THE TASK:
A single number is the answer: how many lines of the entries contain the word "ezdxf"?

(Data records)
+--
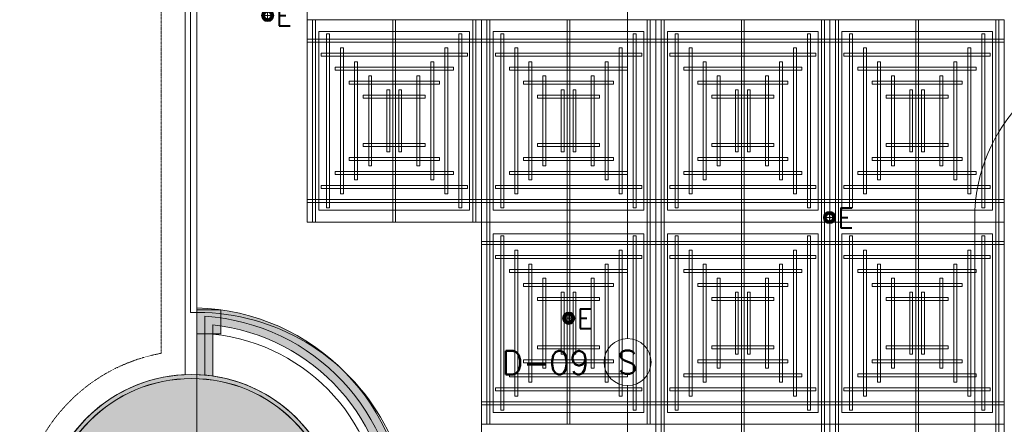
# Model space of a CAD drawing. Header units: millimetres. Extents: x 149250 to 222845, y -30669 to 18303.
# Tile 9 of 36: x 149250 to 155532, y 9799 to 12381. Entities that reach past the tile are written whole.
import ezdxf
from ezdxf.enums import TextEntityAlignment as Align

# ---------------------------------------------------------------- set-up
doc = ezdxf.new("R2010")
doc.units = ezdxf.units.MM
doc.header["$MEASUREMENT"] = 0
for name, pattern in [('DASHED', [19.05, 12.7, -6.35]), ('HIDDENX2', [0.75, 0.5, -0.25]), ('IRISH HOUSE_FF46_HYD AIRPORT_HVAC DUCTING LAYOUT 3$0$( Dashed )', [0.75, 0.5, -0.25]), ('IRISH HOUSE_FF46_HYD AIRPORT_HVAC DUCTING LAYOUT 3$0$LEVEL-F-OVERALL LAYOUT$0$Overhead', [4, 2.5, -1.5])]:
    doc.linetypes.add(name, pattern=pattern)
doc.layers.get('0').update_dxf_attribs({"lineweight": 5})
for name, color, linetype, lineweight in [('E Celing Lighting', 5, 'DASHED', 5), ('IRISH HOUSE_FF46_HYD AIRPORT_HVAC DUCTING LAYOUT 3$0$00 Structural', 2, 'Continuous', 25), ('IRISH HOUSE_FF46_HYD AIRPORT_HVAC DUCTING LAYOUT 3$0$02_Elevation 00', 8, 'Continuous', 9), ('IRISH HOUSE_FF46_HYD AIRPORT_HVAC DUCTING LAYOUT 3$0$Ceiling', 14, 'Continuous', 9), ('IRISH HOUSE_FF46_HYD AIRPORT_HVAC DUCTING LAYOUT 3$0$Furniture', 14, 'Continuous', 9), ('IRISH HOUSE_FF46_HYD AIRPORT_HVAC DUCTING LAYOUT 3$0$Grey', 8, 'Continuous', 9), ('IRISH HOUSE_FF46_HYD AIRPORT_HVAC DUCTING LAYOUT 3$0$LEVEL-F-OVERALL LAYOUT$0$A-FLOR-HRAL', 251, 'Continuous', 13), ('IRISH HOUSE_FF46_HYD AIRPORT_HVAC DUCTING LAYOUT 3$0$LEVEL-F-OVERALL LAYOUT$0$A-FLOR-OVHD', 251, 'IRISH HOUSE_FF46_HYD AIRPORT_HVAC DUCTING LAYOUT 3$0$LEVEL-F-OVERALL LAYOUT$0$Overhead', 5), ('Lighting (Ceiling)', 160, 'Continuous', 15), ('M-MEP-GEN', 7, 'Continuous', 5)]:
    doc.layers.add(name, color=color, linetype=linetype, lineweight=lineweight)
doc.layers.add('IRISH HOUSE_FF46_HYD AIRPORT_HVAC DUCTING LAYOUT 3$0$Flooring', color=8, linetype='Continuous')
doc.layers.add('IRISH HOUSE_FF46_HYD AIRPORT_HVAC DUCTING LAYOUT 3$0$RCP LAYOUT', color=9, linetype='Continuous', true_color=0x808080)
for name, color, linetype, lineweight, true_color in [('M-MEP-ELFA-CABLE', 1, 'HIDDENX2', 20, 0xff0000), ('M-MEP-ELFA-DETECTOR', 7, 'Continuous', 20, 0xa50000), ('M-MEP-ELPR-EQUIP', 6, 'Continuous', 20, 0xff00ff)]:
    doc.layers.add(name, color=color, linetype=linetype, lineweight=lineweight, true_color=true_color)
doc.styles.get("Standard").update_dxf_attribs({"font": 'romans.shx'})

# ---------------------------------------------------------------- blocks, each defined once
blk = doc.blocks.new('IRISH HOUSE_FF46_HYD AIRPORT_HVAC DUCTING LAYOUT 3$0$IRISH HOUSE-RCP LAYOUT')
at = {"lineweight": 0, "ltscale": 0.25, "true_color": 0x808080}
h = blk.add_hatch(color=8, dxfattribs=at)
h.dxf.hatch_style = 1
h.paths.add_polyline_path([(34, 1369.8), (34, 944.4, -0.013467), (84.8, 941.2), (84.8, 1316.7, -0.937706), (84.8, -1316.7), (84.8, -941.2, -0.013467), (34, -944.4), (34, -1369.8, 0.975525)])
h = blk.add_hatch(color=8, dxfattribs=at)
h.dxf.hatch_style = 1
h.paths.add_polyline_path([(84.8, 1316.7), (84.8, 941.2, -0.013533), (135.6, 935.3), (135.6, 1203.5), (135.6, 1261.4, -0.898297), (135.6, -1261.4), (135.6, -935.3, -0.013533), (84.8, -941.2), (84.8, -1316.7, 0.937706)])
h = blk.add_hatch(color=8, dxfattribs=at)
h.dxf.hatch_style = 1
h.paths.add_polyline_path([(0, 945, 1), (0, -945, 1)])
h.paths.add_polyline_path([(0, -919.6, -1), (0, 919.6, -1)], flags=16)
h = blk.add_hatch(color=8, dxfattribs=at)
h.dxf.hatch_style = 1
h.paths.add_polyline_path([(0, 945, 1), (0, -945, 1)])
h.paths.add_polyline_path([(0, -919.6, -1), (0, 919.6, -1)], flags=16)
h = blk.add_hatch(color=8, dxfattribs=at)
h.dxf.hatch_style = 1
h.paths.add_polyline_path([(0, 945, 1), (0, -945, 1)])
h.paths.add_polyline_path([(0, -919.6, -1), (0, 919.6, -1)], flags=16)
h = blk.add_hatch(color=8, dxfattribs=at)
h.dxf.hatch_style = 1
h.paths.add_polyline_path([(-194.6, -7416.7), (-194.6, -9019.3), (1106, -9019.3), (1106, -7416.7)])
h.paths.add_polyline_path([(5.8, -7617.1), (5.8, -8818.9), (905.6, -8818.9), (905.6, -7617.1)], flags=16)
h.paths.add_polyline_path([(0, -919.6, 1), (0, 919.6, 1)])
h = blk.add_hatch(color=8, dxfattribs=at)
h.dxf.hatch_style = 1
h.paths.add_polyline_path([(-194.6, -7416.7), (-194.6, -9019.3), (1106, -9019.3), (1106, -7416.7)])
h.paths.add_polyline_path([(5.8, -7617.1), (5.8, -8818.9), (905.6, -8818.9), (905.6, -7617.1)], flags=16)
h.paths.add_polyline_path([(919.7, 0, 1), (-919.6, 0, 1)])
h = blk.add_hatch(color=8, dxfattribs=at)
h.dxf.hatch_style = 1
h.paths.add_polyline_path([(-194.6, -7416.7), (-194.6, -9019.3), (1106, -9019.3), (1106, -7416.7)])
h.paths.add_polyline_path([(5.8, -7617.1), (5.8, -8818.9), (905.6, -8818.9), (905.6, -7617.1)], flags=16)
h.paths.add_polyline_path([(0, -919.6, 1), (0, 919.6, 1)])
at = {"layer": 'IRISH HOUSE_FF46_HYD AIRPORT_HVAC DUCTING LAYOUT 3$0$00 Structural', "lineweight": 0, "ltscale": 0.25, "true_color": 0x808080}
h = blk.add_hatch(color=8, dxfattribs=at)
h.dxf.hatch_style = 1
h.paths.add_polyline_path([(34, 1357.5), (34, 1205.1), (186.4, 1205.1), (186.4, 1357.5)])
at = {"color": 8, "lineweight": 0, "ltscale": 0.25, "true_color": 0x808080}
for p, q in [((736.3, 1918.2), (736.3, 8372.8)), ((1848.5, 3209.1), (736.3, 3209.1)), ((736.3, 3209.1), (736.3, 1918.2)), ((1848.5, 3209.1), (2960.8, 3209.1)), ((1848.5, 1918.2), (1848.5, 3209.1)), ((1848.5, 1918.2), (1848.5, 3209.1)), ((2960.8, 3209.1), (2960.8, 1918.2)), ((4073.1, 3209.1), (2960.8, 3209.1)), ((2960.8, 3209.1), (2960.8, 1918.2)), ((4073.1, 1918.2), (4073.1, 3209.1)), ((5185.4, 3209.1), (4073.1, 3209.1)), ((4073.1, 3209.1), (4073.1, 1918.2)), ((5185.4, 1918.2), (5185.4, 3209.1)), ((1772.3, 3132.9), (812.5, 3132.9)), ((812.5, 3132.9), (812.5, 1994.4)), ((1772.3, 1994.4), (1772.3, 3132.9)), ((1924.7, 3132.9), (2884.6, 3132.9)), ((1924.7, 1994.4), (1924.7, 3132.9)), ((2884.6, 3132.9), (2884.6, 1994.4)), ((3996.9, 3132.9), (3037, 3132.9)), ((3037, 3132.9), (3037, 1994.4)), ((3996.9, 1994.4), (3996.9, 3132.9)), ((5109.2, 3132.9), (4149.3, 3132.9)), ((4149.3, 3132.9), (4149.3, 1994.4)), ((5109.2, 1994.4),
+--
ANSWER SPACE:
4